As we hopped between each game mode, WarioWare: Get It Together!’s character-based philosophy affected every part of the experience.
How do the WarioWare characters influence the formula?
The idea of a drastic change like this probably has a few old-school WarioWare fans squirming in their seats. But each of WarioWare: Get It Together!’s microgames are built with the roster in mind. Some microgames may be easier for some characters and harder for others, but every character can complete every game, Nintendo said.
The change to character-specific gameplay promises to change the mindset players go into new microgames with, but that’s not necessarily a bad thing. Going back to old WarioWare games, it’s not always clear how you need to interact with a microgame until you’ve already lost it. So success can feel like memorization, knowing you need to hit a specific button to make the horse go, rather than waiting for it to start naturally.
WarioWare: Get It Together!’s characters could potentially hurt the sheer diversity of microgames, but should also cut down on the confusion. Each character has the same controls for every microgame, even if they interact with them differently. Players will need to learn the ins and outs of each character to master their playstyle, but should have an easier time winging microgames they’ve never seen before.
Perhaps the most compelling aspect of WarioWare: Get It Together!’s character selection is for veterans and players who really want to push their skill. Toward the end of our preview, the two Nintendo representatives selected a specific microgame from the Play-O-Pedia — a collection of all the microgames players have unlocked that loops over and over for fun, high-score, or practice.

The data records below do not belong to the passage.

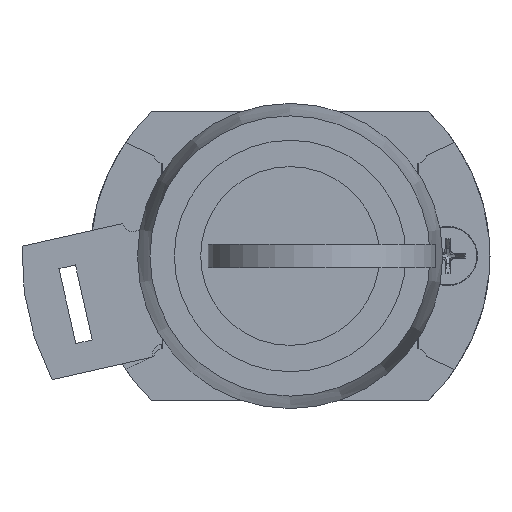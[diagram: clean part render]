
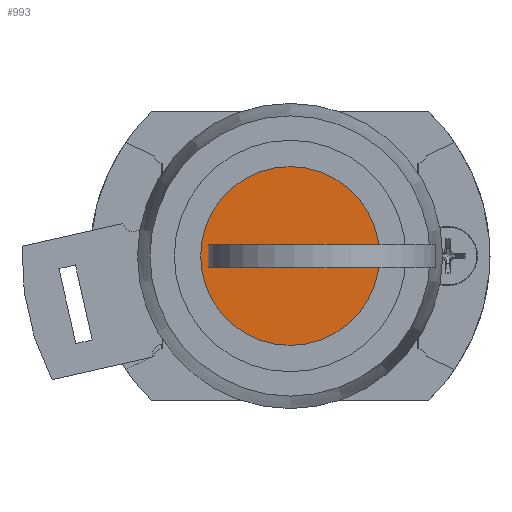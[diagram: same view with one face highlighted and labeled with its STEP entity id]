
A CAD part, left-side view. The second image highlights one B-rep face of the part: STEP entity #993.
In plain terms, the highlighted planar face has unit normal (-1, 0, 0).
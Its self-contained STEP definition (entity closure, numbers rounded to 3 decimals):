
#558 = VERTEX_POINT ( 'NONE', #5855 ) ;
#559 = VERTEX_POINT ( 'NONE', #5856 ) ;
#560 = VERTEX_POINT ( 'NONE', #5857 ) ;
#561 = VERTEX_POINT ( 'NONE', #5858 ) ;
#707 = EDGE_CURVE ( 'NONE', #561, #558, #5122, .T. ) ;
#708 = EDGE_CURVE ( 'NONE', #558, #559, #5126, .T. ) ;
#709 = EDGE_CURVE ( 'NONE', #559, #560, #5129, .T. ) ;
#711 = EDGE_CURVE ( 'NONE', #560, #561, #5133, .T. ) ;
#738 = EDGE_CURVE ( 'NONE', #12651, #12651, #5168, .T. ) ;
#993 = ADVANCED_FACE ( 'NONE', ( #6809, #6808 ), #6725, .T. ) ;
#3435 = AXIS2_PLACEMENT_3D ( 'NONE', #6104, #6109, #6110 ) ;
#3537 = AXIS2_PLACEMENT_3D ( 'NONE', #6717, #6726, #6727 ) ;
#5122 = LINE ( 'NONE', #6025, #5124 ) ;
#5124 = VECTOR ( 'NONE', #6026, 1000. ) ;
#5126 = LINE ( 'NONE', #6019, #5128 ) ;
#5128 = VECTOR ( 'NONE', #6028, 1000. ) ;
#5129 = LINE ( 'NONE', #6029, #5130 ) ;
#5130 = VECTOR ( 'NONE', #6030, 1000. ) ;
#5133 = LINE ( 'NONE', #6033, #5134 ) ;
#5134 = VECTOR ( 'NONE', #6034, 1000. ) ;
#5168 = CIRCLE ( 'NONE', #3435, 8.5 ) ;
#5855 = CARTESIAN_POINT ( 'NONE',  ( -15., -7., -1.1 ) ) ;
#5856 = CARTESIAN_POINT ( 'NONE',  ( -15., 2., -1.1 ) ) ;
#5857 = CARTESIAN_POINT ( 'NONE',  ( -15., 2., 1.1 ) ) ;
#5858 = CARTESIAN_POINT ( 'NONE',  ( -15., -7., 1.1 ) ) ;
#6019 = CARTESIAN_POINT ( 'NONE',  ( -15., 4.25, -1.1 ) ) ;
#6025 = CARTESIAN_POINT ( 'NONE',  ( -15., -7., 0. ) ) ;
#6026 = DIRECTION ( 'NONE',  ( 0., 0., -1. ) ) ;
#6028 = DIRECTION ( 'NONE',  ( 0., 1., 0. ) ) ;
#6029 = CARTESIAN_POINT ( 'NONE',  ( -15., 2., 0. ) ) ;
#6030 = DIRECTION ( 'NONE',  ( 0., 0., 1. ) ) ;
#6033 = CARTESIAN_POINT ( 'NONE',  ( -15., 4.25, 1.1 ) ) ;
#6034 = DIRECTION ( 'NONE',  ( 0., -1., 0. ) ) ;
#6104 = CARTESIAN_POINT ( 'NONE',  ( -15., 0., 0. ) ) ;
#6109 = DIRECTION ( 'NONE',  ( 1., 0., 0. ) ) ;
#6110 = DIRECTION ( 'NONE',  ( 0., 0., -1. ) ) ;
#6717 = CARTESIAN_POINT ( 'NONE',  ( -15., 4.25, 0. ) ) ;
#6725 = PLANE ( 'NONE',  #3537 ) ;
#6726 = DIRECTION ( 'NONE',  ( -1., 0., 0. ) ) ;
#6727 = DIRECTION ( 'NONE',  ( 0., 0., 1. ) ) ;
#6808 = FACE_OUTER_BOUND ( 'NONE', #12924, .T. ) ;
#6809 = FACE_BOUND ( 'NONE', #12918, .T. ) ;
#12651 = VERTEX_POINT ( 'NONE', #12652 ) ;
#12652 = CARTESIAN_POINT ( 'NONE',  ( -15., 0., -8.5 ) ) ;
#12894 = ORIENTED_EDGE ( 'NONE', *, *, #709, .T. ) ;
#12895 = ORIENTED_EDGE ( 'NONE', *, *, #708, .T. ) ;
#12903 = ORIENTED_EDGE ( 'NONE', *, *, #738, .F. ) ;
#12909 = ORIENTED_EDGE ( 'NONE', *, *, #707, .T. ) ;
#12910 = ORIENTED_EDGE ( 'NONE', *, *, #711, .T. ) ;
#12918 = EDGE_LOOP ( 'NONE', ( #12910, #12909, #12895, #12894 ) ) ;
#12924 = EDGE_LOOP ( 'NONE', ( #12903 ) ) ;
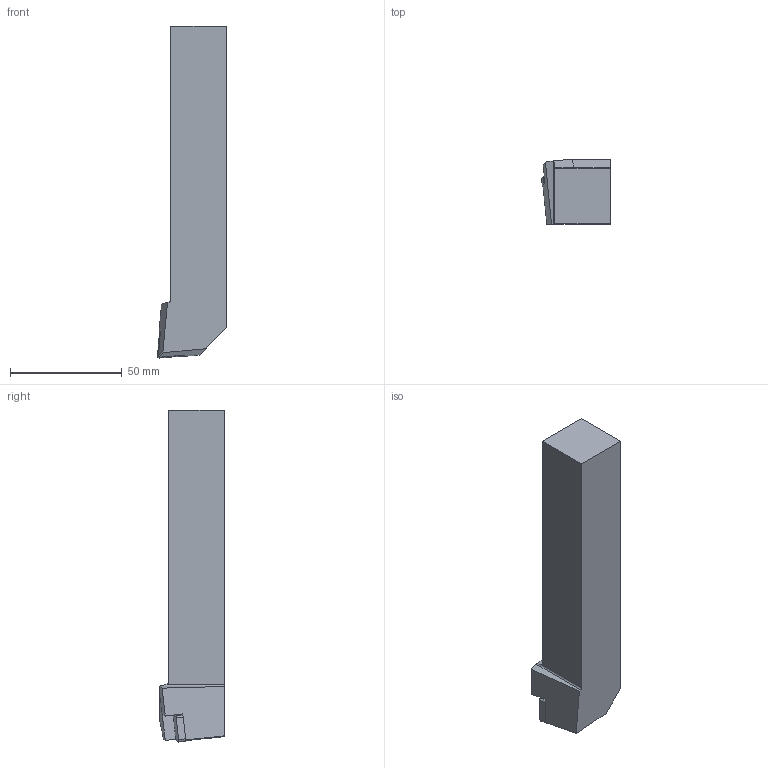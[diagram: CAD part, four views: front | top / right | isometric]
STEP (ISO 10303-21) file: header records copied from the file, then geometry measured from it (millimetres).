
FILE_DESCRIPTION(('CATIA V5 STEP','CAx-IF Rec.Pracs.--- Model Styling and Organization---1.2---2011-12-15'),'2;1');
FILE_NAME('I:\isr\design\admin8\users\weaam_s\3600693D.stp','2017-12-24T12:53:57+00:00',('none'),('none'),'CATIA Version 5 Release 21 SP 5 (IN-10)','CATIA V5 STEP AP214','none');
FILE_SCHEMA(('AUTOMOTIVE_DESIGN { 1 0 10303 214 1 1 1 1 }'));
Length unit declared in the file: millimetre
Products named in the file (1): PCLNR 2525M-12
Bounding box: 30.88 x 29 x 148.88 mm (x, y, z)
Volume: 93504.6 mm3; surface area: 16418.4 mm2
Topology: 1 solids, 1 shells, 31 faces, 83 edges, 54 vertices
Faces by surface type: plane 25, cylinder 6
Entity records: 1019 total; most frequent: CARTESIAN_POINT 188, ORIENTED_EDGE 166, DIRECTION 143, EDGE_CURVE 83, VECTOR 68, LINE 68, VERTEX_POINT 54, AXIS2_PLACEMENT_3D 45

The duo selected a microgame all about escaping an underground compound and getting into a helicopter, with each player needing to hit a button to let the other out. It’s a microgame set in tight spaces, and requires precision to succeed. But the folks from Nintendo selected a pair of ninja characters called Kat and Ana, who come with one very specific quirk: They’re always jumping.
Each run through the microgame was chaos. Both players were bouncing everywhere they went, bumping their heads on the ceiling or missing the exit doorway by half a second. But the two found a rhythm and finished the microgame over a dozen times. Once they finally ran out of lives, WarioWare: Get It Together! gave them their Kat and Ana-specific high score for that microgame.
The experience of setting your own goal and eclipsing it through sheer bedlam feels authentic to WarioWare, even through all the character-specific differences. Change can be scary, especially for a series this beloved that’s been around since the Game Boy Advance. But Nintendo is keeping the series’ chaotic roots intact while also attempting something new.
Nintendo recently launched an eShop demo so players can Get It Together!’s changes for themselves. It will officially launch WarioWare: Get It Together! on Sept. 10, exclusively for the Nintendo Switch.